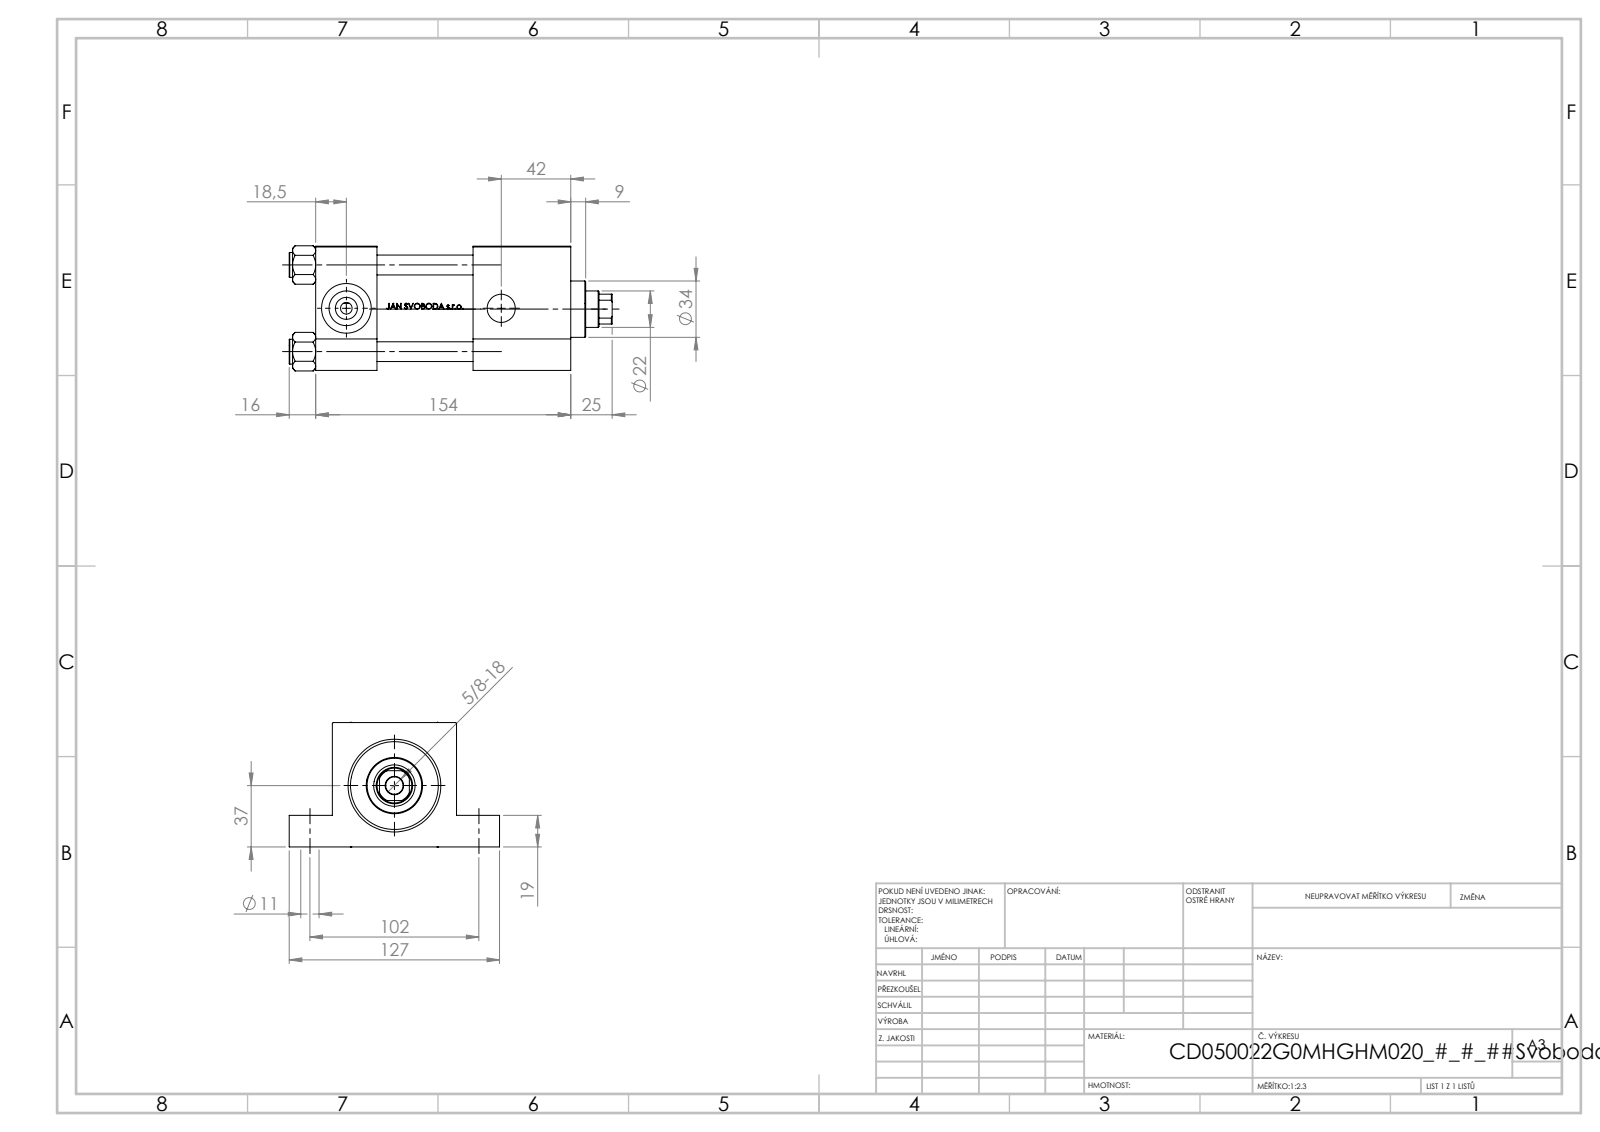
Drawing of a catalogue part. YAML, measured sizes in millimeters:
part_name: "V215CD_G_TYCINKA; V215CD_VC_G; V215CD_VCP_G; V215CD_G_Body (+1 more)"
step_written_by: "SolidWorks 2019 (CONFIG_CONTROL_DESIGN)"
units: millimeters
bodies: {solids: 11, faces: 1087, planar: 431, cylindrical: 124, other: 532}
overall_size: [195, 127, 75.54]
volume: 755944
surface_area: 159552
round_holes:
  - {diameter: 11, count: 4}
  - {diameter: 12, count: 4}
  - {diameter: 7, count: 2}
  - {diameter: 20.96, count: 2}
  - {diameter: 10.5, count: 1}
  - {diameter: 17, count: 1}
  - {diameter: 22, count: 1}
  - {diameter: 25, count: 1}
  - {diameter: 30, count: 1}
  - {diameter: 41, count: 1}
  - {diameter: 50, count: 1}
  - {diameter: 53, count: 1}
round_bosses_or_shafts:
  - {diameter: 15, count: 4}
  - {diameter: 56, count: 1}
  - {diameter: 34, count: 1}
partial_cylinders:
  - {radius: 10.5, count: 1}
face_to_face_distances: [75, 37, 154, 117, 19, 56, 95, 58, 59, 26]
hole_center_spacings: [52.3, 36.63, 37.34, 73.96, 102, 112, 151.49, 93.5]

*Problem details*: Read through the entries, then copy every line where the string "millimeters" is found.

*Result for this task*:
Drawing of a catalogue part. YAML, measured sizes in millimeters:
units: millimeters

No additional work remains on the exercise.